Cost, especially as DDR5 has increased density - DDR5 8gb DIMMs are actually pretty rare compared to 16GB. So you would need ~4 slots of memory (64GB?) to maybe get less bandwidth than a GTX 3050.

eastmen · Nov 2, 2022

Bondrewd said:
No?
Phoenix is 12CU aka 6WGP RDNA3 config.
Board costs and baseline mem capacity goes way up.
Possible but not mainstream.

Flappy Pannus said:
Cost, especially as DDR5 has increased density - DDR5 8gb DIMMs are actually pretty rare compared to 16GB. So you would need ~4 slots of memory (64GB?) to maybe get less bandwidth than a GTX 3050.

Layers for the board and complexity might go up but ram costs seem to always go down.
4x 16 = 64gigs of ram. Right now its as low as $150 for 2x16 gig kits with ddr 5 5600 memory. So you are looking at $300 to fill out the channels which isn't really expensive. If you want to go faster its $210 at for ddr 5 6000 16x2 kits and $330 for 2x16 ddr 6800 .

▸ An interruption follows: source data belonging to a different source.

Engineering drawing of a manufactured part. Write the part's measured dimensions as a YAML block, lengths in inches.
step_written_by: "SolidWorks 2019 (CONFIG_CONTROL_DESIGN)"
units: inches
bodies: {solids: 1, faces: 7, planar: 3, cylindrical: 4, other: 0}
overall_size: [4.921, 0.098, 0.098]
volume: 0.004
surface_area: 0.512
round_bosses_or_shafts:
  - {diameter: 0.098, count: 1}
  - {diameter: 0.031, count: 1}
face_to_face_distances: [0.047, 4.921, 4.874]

Seems like a reasonable price on that end of the market

JoeJ · Nov 2, 2022

Flappy Pannus said:
However, as I wrote here, there are a lot of differences and challenges with the open PC market as compared to the closed market of consoles/Apple wrt marketing a UMA. The big problem still remains - memory bandwidth. Infinity cache may provide a glimpse into how this problem can be mitigated for APU's, but there's a big difference for it providing that extra boost for a discrete card that already has 500GB+ to main memory vs 80GB/sec - and that's with fast DDR5. Apple 'solves' it by just creating ridiculously large chips that only they can afford to make, and consoles solve it by using GDDR6 which isn't affordable for the small amounts PC OEM's could order vs say, Sony locking down supply agreements for years due to knowing they will order 10+M chips a year.

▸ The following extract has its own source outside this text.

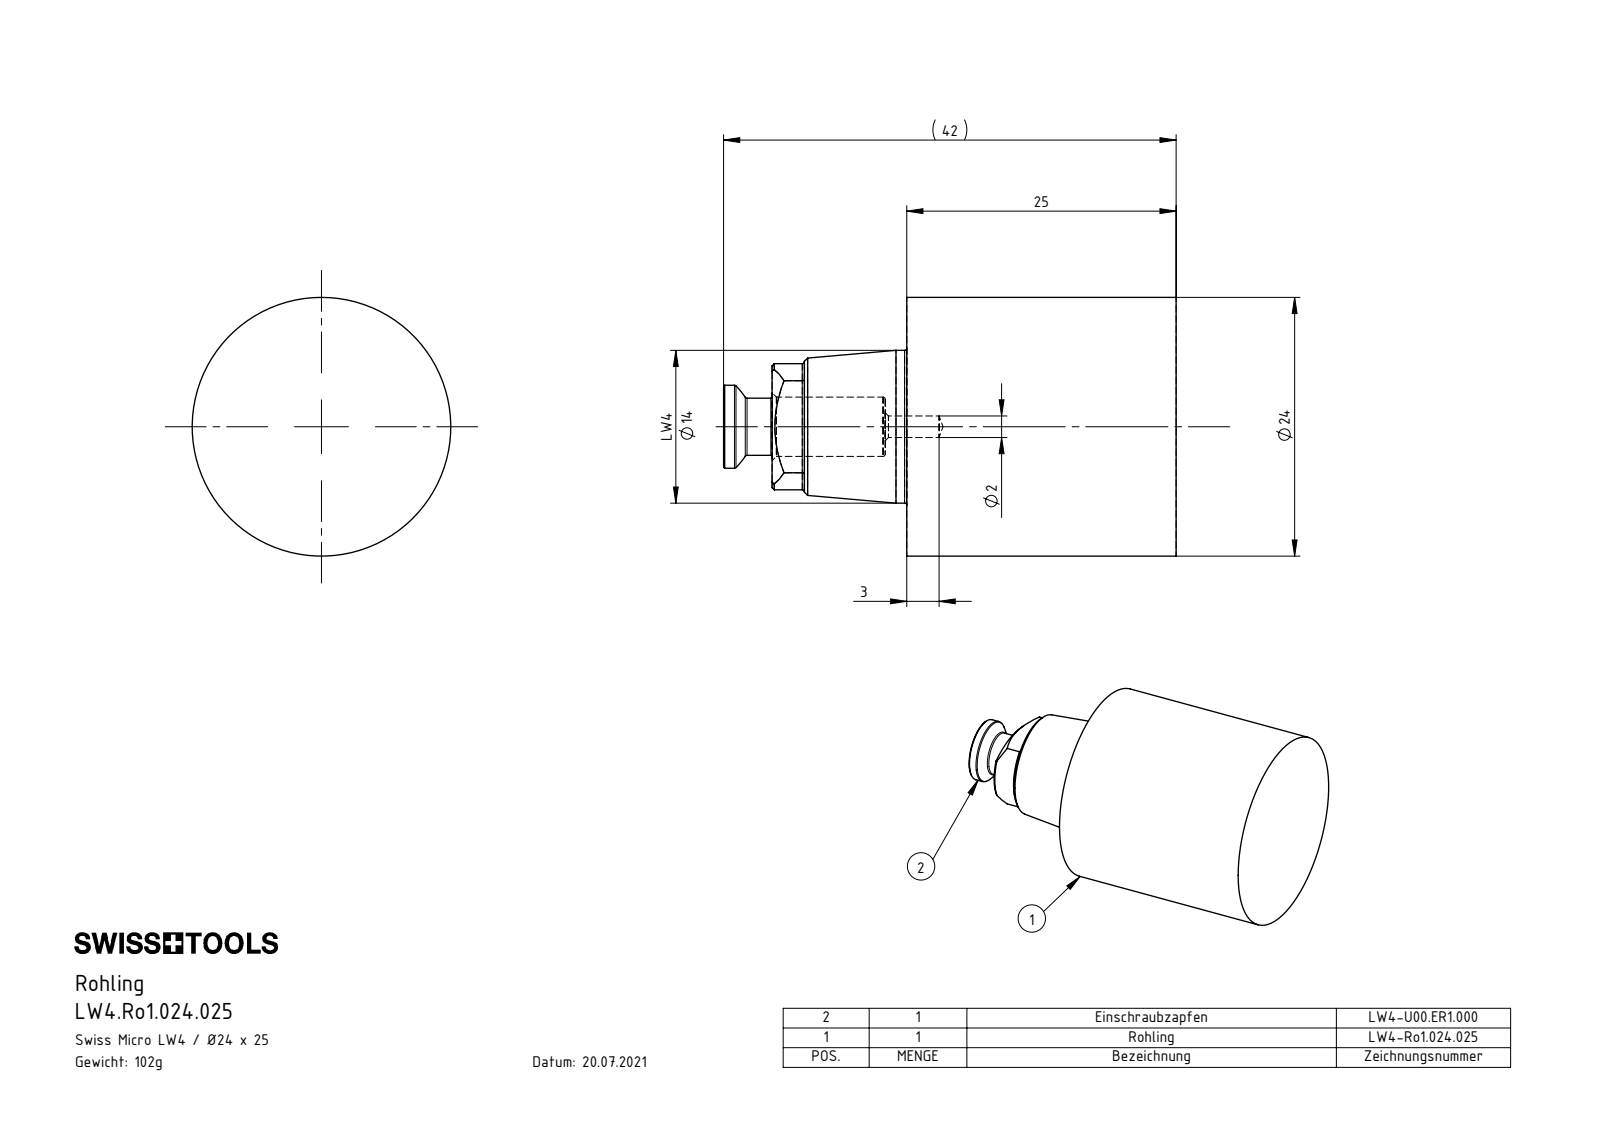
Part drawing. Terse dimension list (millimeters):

So it's still that memory problem. I knew DDR5 is somewhat meh with bw, but thought DDR6 should be almost good then. Obviously i've interpreted the numbers quite wrong, and all it gives will be PS4 bandwidth.
Thanks for disappointing me. Now i know why i feel alone with my naive APU optimism.

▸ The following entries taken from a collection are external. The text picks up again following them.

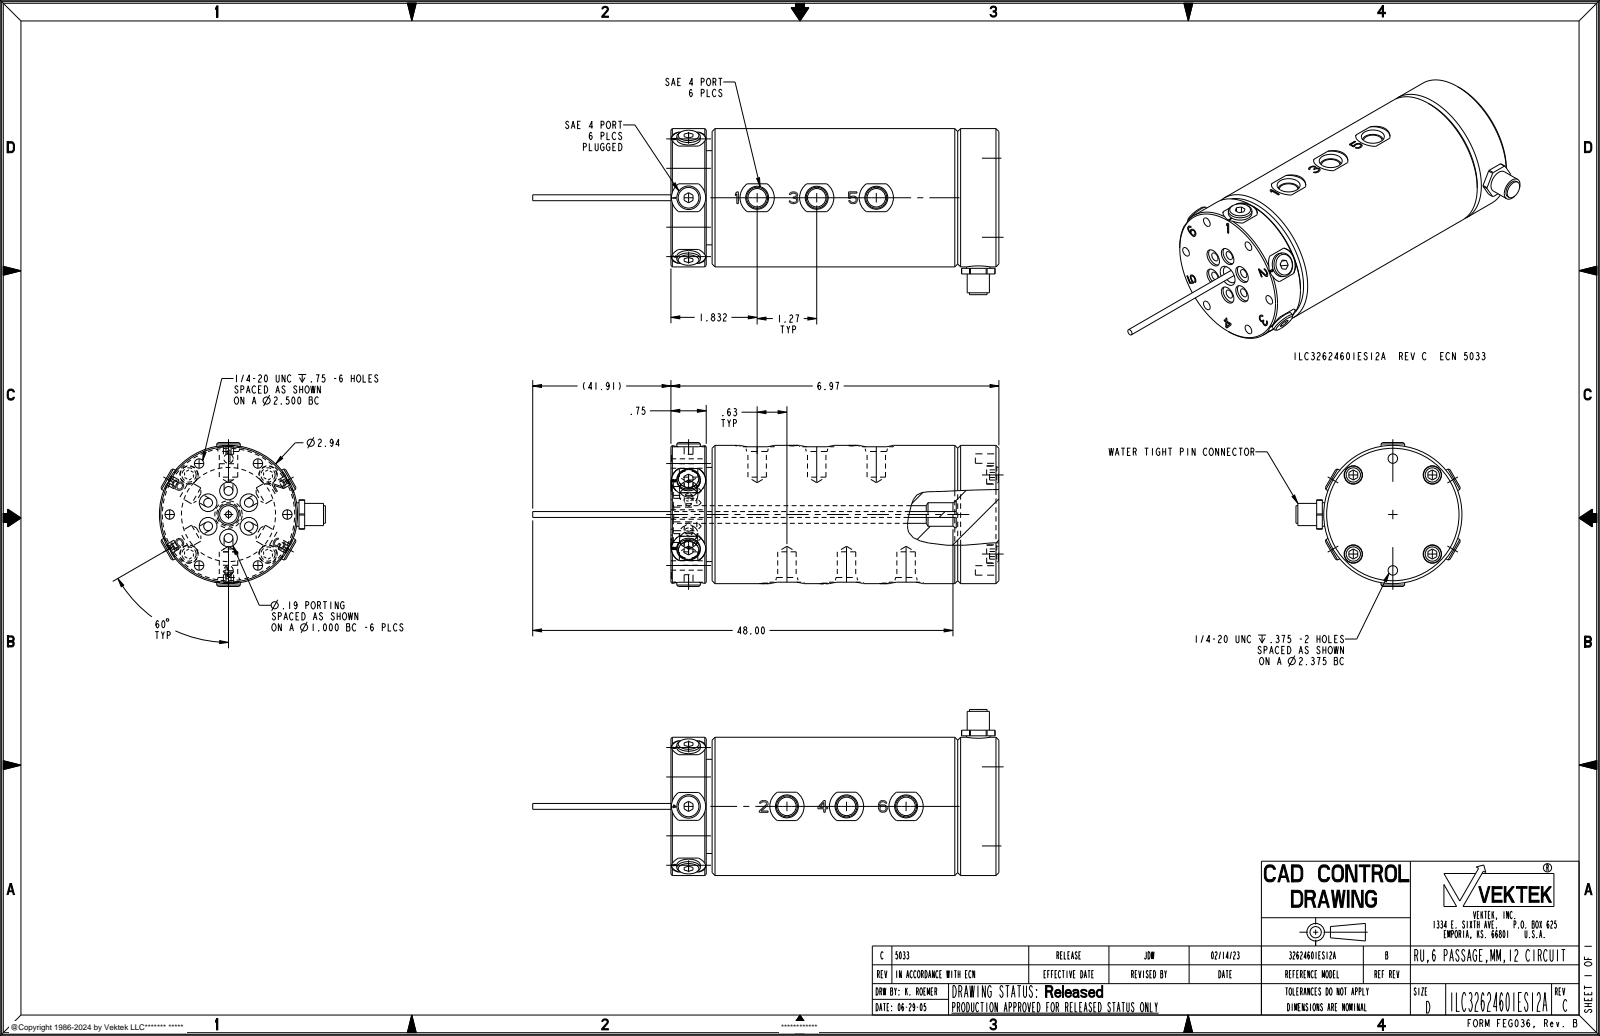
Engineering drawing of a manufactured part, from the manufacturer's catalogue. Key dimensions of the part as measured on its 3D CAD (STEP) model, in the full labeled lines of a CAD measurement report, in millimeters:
Part name (STEP PRODUCT): ILC32624601ES12A
STEP written by: CREO PARAMETRIC BY PTC INC, 2021164 (AUTOMOTIVE_DESIGN)
Units: millimetres
Bodies: 1 solid, 1018 faces (772 planar, 160 cylindrical, 86 other)
Overall size (bounding box): 251.6 × 89.6 × 77.6
Volume: 737 900 mm³ · Surface area: 74 450 mm²
Round holes (diameter × count): ⌀4.7 ×9, ⌀10 ×9, ⌀9.5 ×7, ⌀5.1 ×6, ⌀9.9 ×4, ⌀5.1 ×2, ⌀12.7 ×1
Round bosses / shafts (diameter × count): ⌀12.7 ×4, ⌀9.5 ×4, ⌀74.6 ×1, ⌀50.8 ×1, ⌀12 ×1, ⌀9.4 ×1, ⌀3.2 ×1
Partial cylindrical surfaces — rounded edges, fillets, slot ends (radius × count): R9.2 ×9, R9 ×1
Main face-to-face distances: 177, 158, 19.1, 3.2, 154.8, 22.2, 2.3, 75.4, 11.4, 66.2
Hole centre spacings: 12.7, 34.2, 43.2, 31.8, 21.7, 21.7, 22, 31.8

Ok then. So i'll have no other choice than standing proud on Titanic too, hoping the iceberg in front won't be that bad... : /

Newguy · Nov 2, 2022

So about a day to go, where are you all putting your money for claimed perf/efficiency? I'll go for them sandbagging a bit with that 1.5x perf/w and they claim 1.7-1.8x efficiency for N31/5nm parts in raster

JoeJ said:
So it's still that memory problem. I knew DDR5 is somewhat meh with bw, but thought DDR6 should be almost good then. Obviously i've interpreted the numbers quite wrong, and all it gives will be PS4 bandwidth.
Thanks for disappointing me. Now i know why i feel alone with my naive APU optimism.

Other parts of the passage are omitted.